Tuesday, June 18, 2024

Ticket system altered

October 25, 2000

Students looking to camp out for Izzone tickets this past weekend were instead greeted with a paperboard sign - tacked to a portable toilet - informing them that the campout had been nixed.

“I had no idea what was going on,” said advertising sophomore Melissa Klink, who was turned away. “I expected there to be hundreds of people out there and there was no one.”

Instead, Izzone co-directors Brad Johanson, Adam Raak and Jarrod Folsom, along with Keith Williams, the executive director of the MSU Alumni Association, made a late-night decision to replace the traditional event with a lottery drawing.

Last year more than 350 people waited in line for up to 42 hours for 253 tickets to the Izzone - the largest basketball fan section in the country with 953 students.
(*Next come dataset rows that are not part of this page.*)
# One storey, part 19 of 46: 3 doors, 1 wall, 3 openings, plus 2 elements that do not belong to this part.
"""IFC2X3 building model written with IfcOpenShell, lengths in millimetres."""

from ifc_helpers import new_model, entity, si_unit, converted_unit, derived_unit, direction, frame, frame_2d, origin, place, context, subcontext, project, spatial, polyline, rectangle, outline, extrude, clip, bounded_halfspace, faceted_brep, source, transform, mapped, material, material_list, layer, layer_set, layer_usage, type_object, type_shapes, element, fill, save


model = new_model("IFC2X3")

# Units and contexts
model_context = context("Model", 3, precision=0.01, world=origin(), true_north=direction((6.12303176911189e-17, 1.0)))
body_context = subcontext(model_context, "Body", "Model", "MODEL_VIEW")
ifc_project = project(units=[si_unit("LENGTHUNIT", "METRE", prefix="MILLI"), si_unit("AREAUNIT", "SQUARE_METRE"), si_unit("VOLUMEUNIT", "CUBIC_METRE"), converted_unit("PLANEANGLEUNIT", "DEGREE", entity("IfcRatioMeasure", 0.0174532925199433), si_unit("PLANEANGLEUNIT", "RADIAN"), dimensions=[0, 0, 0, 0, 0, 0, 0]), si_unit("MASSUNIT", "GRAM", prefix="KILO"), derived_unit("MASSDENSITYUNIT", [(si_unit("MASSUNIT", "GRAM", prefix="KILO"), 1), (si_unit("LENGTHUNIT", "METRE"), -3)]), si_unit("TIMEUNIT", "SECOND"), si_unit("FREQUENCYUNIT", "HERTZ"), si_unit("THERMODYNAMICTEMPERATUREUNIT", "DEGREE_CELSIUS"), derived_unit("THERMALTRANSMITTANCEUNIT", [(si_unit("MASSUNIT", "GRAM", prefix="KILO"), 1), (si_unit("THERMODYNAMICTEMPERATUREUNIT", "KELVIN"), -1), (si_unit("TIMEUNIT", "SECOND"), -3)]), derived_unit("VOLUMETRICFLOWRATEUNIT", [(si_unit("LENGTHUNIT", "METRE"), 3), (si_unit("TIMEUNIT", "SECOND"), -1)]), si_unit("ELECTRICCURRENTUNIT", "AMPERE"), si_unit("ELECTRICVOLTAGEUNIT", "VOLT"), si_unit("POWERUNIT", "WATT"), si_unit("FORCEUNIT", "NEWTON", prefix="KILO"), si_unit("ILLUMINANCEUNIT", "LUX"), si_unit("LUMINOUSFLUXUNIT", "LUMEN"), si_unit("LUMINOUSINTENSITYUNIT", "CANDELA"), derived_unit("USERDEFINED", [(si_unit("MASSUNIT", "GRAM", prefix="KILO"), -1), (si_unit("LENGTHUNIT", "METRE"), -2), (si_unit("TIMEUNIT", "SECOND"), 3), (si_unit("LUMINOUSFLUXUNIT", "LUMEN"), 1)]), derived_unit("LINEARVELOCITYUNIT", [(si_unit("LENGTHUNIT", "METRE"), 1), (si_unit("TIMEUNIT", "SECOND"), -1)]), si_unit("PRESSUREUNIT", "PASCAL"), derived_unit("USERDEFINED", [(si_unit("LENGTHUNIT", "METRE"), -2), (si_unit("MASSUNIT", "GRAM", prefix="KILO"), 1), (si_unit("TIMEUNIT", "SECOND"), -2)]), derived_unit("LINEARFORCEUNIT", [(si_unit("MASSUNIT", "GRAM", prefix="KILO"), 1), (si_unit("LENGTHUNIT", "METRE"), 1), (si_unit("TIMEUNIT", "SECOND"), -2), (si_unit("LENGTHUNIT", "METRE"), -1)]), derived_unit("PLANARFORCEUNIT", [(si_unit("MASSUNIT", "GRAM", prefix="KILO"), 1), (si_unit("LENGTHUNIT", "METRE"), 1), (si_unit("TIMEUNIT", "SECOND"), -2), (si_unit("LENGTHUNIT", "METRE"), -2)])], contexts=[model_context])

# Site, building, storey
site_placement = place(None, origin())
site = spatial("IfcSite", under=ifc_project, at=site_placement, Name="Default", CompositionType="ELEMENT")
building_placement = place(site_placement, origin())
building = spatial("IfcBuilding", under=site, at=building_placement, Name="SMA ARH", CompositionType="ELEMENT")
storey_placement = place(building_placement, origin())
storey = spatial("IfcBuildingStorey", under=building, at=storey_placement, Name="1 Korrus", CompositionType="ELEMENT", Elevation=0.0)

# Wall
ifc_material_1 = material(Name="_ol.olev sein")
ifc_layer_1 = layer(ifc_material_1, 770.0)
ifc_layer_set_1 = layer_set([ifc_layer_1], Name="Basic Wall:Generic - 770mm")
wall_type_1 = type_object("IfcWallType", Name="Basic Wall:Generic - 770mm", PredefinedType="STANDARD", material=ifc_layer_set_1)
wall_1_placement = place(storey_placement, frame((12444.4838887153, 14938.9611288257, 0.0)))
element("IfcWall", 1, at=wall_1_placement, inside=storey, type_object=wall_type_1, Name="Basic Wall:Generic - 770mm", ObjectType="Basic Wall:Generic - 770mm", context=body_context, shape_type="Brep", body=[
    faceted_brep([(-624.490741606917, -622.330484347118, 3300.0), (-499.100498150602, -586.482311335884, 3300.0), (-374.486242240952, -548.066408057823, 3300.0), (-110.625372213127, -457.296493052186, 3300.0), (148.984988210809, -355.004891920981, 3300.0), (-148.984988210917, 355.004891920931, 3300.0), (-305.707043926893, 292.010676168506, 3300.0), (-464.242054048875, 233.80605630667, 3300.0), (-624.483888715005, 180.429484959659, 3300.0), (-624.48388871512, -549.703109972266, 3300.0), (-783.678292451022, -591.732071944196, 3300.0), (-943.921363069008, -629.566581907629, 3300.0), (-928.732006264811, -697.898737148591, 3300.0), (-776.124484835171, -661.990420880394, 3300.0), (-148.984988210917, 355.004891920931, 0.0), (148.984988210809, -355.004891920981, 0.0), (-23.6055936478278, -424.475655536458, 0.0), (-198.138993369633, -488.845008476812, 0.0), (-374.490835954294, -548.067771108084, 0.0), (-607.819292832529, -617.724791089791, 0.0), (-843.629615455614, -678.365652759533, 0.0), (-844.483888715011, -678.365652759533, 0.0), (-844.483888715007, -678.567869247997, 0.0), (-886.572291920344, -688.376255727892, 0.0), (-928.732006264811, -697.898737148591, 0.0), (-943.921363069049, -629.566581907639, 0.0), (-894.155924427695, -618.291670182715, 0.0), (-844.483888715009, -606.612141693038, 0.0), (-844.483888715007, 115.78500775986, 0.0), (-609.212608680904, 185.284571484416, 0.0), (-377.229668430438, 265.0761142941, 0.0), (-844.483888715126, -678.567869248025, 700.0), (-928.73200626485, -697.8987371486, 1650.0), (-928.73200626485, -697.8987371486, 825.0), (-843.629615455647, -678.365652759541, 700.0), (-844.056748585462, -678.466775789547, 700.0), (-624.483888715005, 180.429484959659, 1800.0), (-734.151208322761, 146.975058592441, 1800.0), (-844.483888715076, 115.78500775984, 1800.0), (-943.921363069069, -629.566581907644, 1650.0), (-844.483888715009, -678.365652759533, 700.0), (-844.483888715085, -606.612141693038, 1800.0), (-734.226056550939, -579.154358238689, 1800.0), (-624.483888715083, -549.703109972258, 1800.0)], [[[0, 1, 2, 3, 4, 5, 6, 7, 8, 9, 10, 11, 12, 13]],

This year, students had a chance at the 245 seats made available by graduating ticket holders.

With 770 people present at midnight Friday looking for tickets, Folsom told the crowd that the decision to enact a lottery system was one of safety.

“If we had let it go on with just a free for all, it would have been an unsafe situation,” Folsom said. “We have to put people’s safety first.”

And at least one student was injured in Saturday’s ticket rush.

In her attempt to secure a place in line, a 19-year-old Wonders Hall resident ran into a bike rack located in front of the Human Ecology Building, injuring her knee. According to a police report, the student was at the Union on Friday night awaiting the start of the Izzone ticket sale.

Once the sale began, she, along with the rest of the crowd, rushed toward the front of the line. During her haste she ran into a bike rack, fell to the ground and struck her knee.

Though she attempted to get up, she felt the pain was too much, the report said. Subsequently, East Lansing police were called. The student’s situation was assessed and she was taken to Lansing’s Sparrow Hospital for treatment.

“I talked to her (Tuesday) and she said that nothing was broken but there was still pain in her left knee,” MSU police Detective Tony Willis said.

“She also said she was disappointed because she didn’t get a chance to get a ticket.”

The student declined to comment. The injury occurred despite efforts to keep students from lining up prior to Saturday morning. Izzone directors noticed people milling around the Union as early as 4 p.m. Friday.

“People were arriving sporadically throughout the day, starting between 4 and 6 p.m.,” Johanson said, adding that a majority of the students didn’t arrive until 11 p.m.